Hydrothermal synthesis of microalgae-derived microporous carbons for electrochemical capacitors

By Sevilla, M.; Gu, W.; Falco, C.; Titirici, M.M.; Fuertes, A.B. & Yushin, G.
Published in Journal of Power Sources NULL 2014

Abstract

N-doped highly microporous carbons have been successfully fabricated from N-rich microalgae by the combination of low-cost hydrothermal carbonization and industry-adopted KOH activation processes. The hydrothermal carbonization process was found to be an essential step for the successful conversion of microalgae into a carbon material.

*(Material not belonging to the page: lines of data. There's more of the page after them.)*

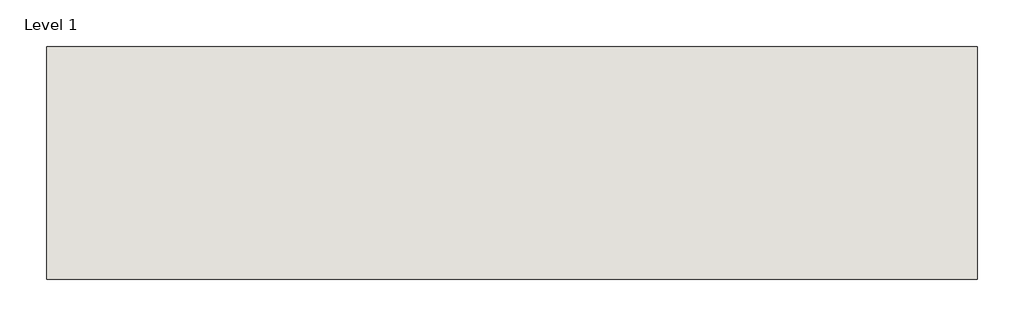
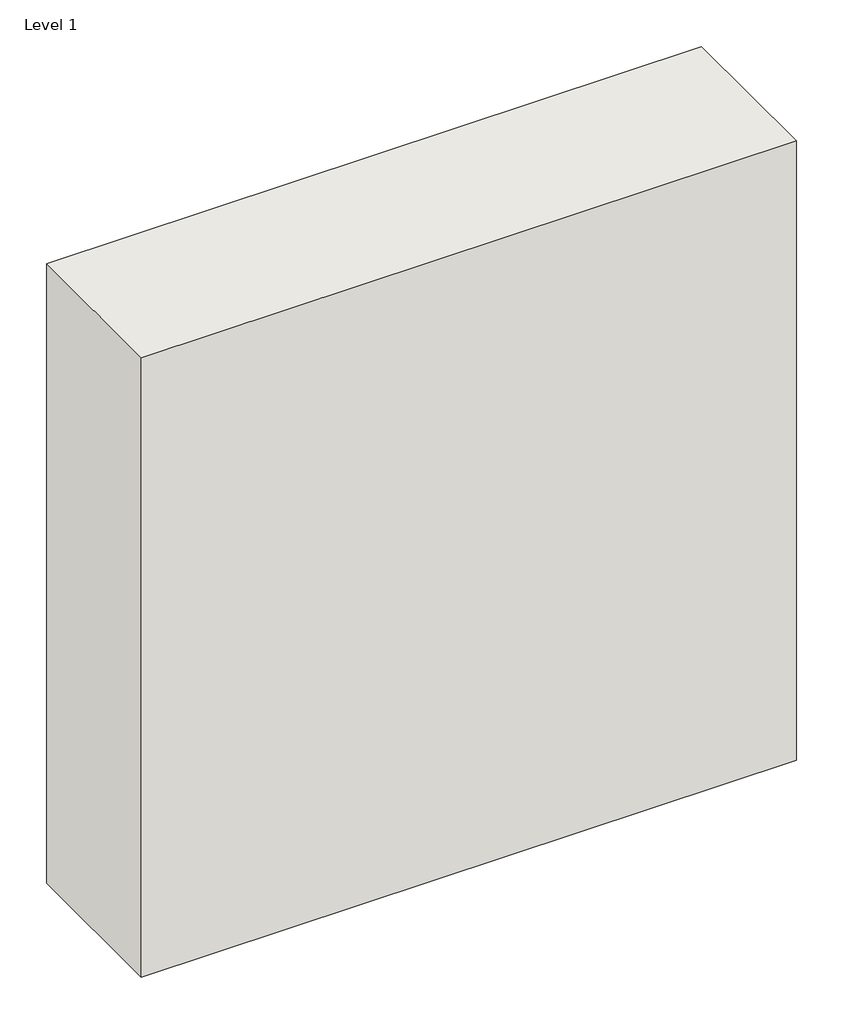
# One storey: 1 wall.
"""IFC4 building model written with IfcOpenShell, lengths in millimetres."""

from ifc_helpers import new_model, si_unit, origin, origin_with_axes, place, context, project, spatial, polyline, outline, extrude, element, save

model = new_model("IFC4")

# Units and contexts
model_context = context("Model", 3, world=origin())
ifc_project = project(units=[si_unit("LENGTHUNIT", "METRE", prefix="MILLI")], contexts=[model_context])

# Site, building, storey
site = spatial("IfcSite", under=ifc_project)
building = spatial("IfcBuilding", under=site)
storey = spatial("IfcBuildingStorey", under=building, Name="Level 1", Elevation=0.0)

# Wall
placement = place(None, origin())
element("IfcWall", 1, ObjectType="PRECERAM - Tijolo Térmico 40x19x25 - PRO25", at=placement, inside=storey, context=model_context, shape_type="SweptSolid", body=[
    extrude(outline(polyline([(1010.0, -65.0), (10.0, -65.0), (10.0, 185.0), (1010.0, 185.0), (1010.0, -65.0)])), origin_with_axes(), (0.0, 0.0, 1.0), 1000.0),
])

save(model, "model.ifc")

The materials thus synthesized showed BET surface areas in the range ∼1800–2200 m2 g-1 exclusively ascribed to micropores. The carbons showed N contents in the 0.7–2.7 wt.%, owing to the use of N-rich microalgae as a carbon precursor. When tested in symmetric double layer capacitors (occasionally called supercapacitors) based on aqueous LiCl electrolytes, pseudocapacitance was only observable for the sample synthesized at the lowest temperature, 650 °C, which is the one exhibiting the largest amount of N- and O-containing groups. The samples synthesized at 700–750 °C exhibited excellent rate capability (only 20% of capacitance loose at 20 A g-1), with specific capacitances of 170–200 F g-1 at 0.1 A g-1. These materials showed excellent long-term cycling stability under high current densities.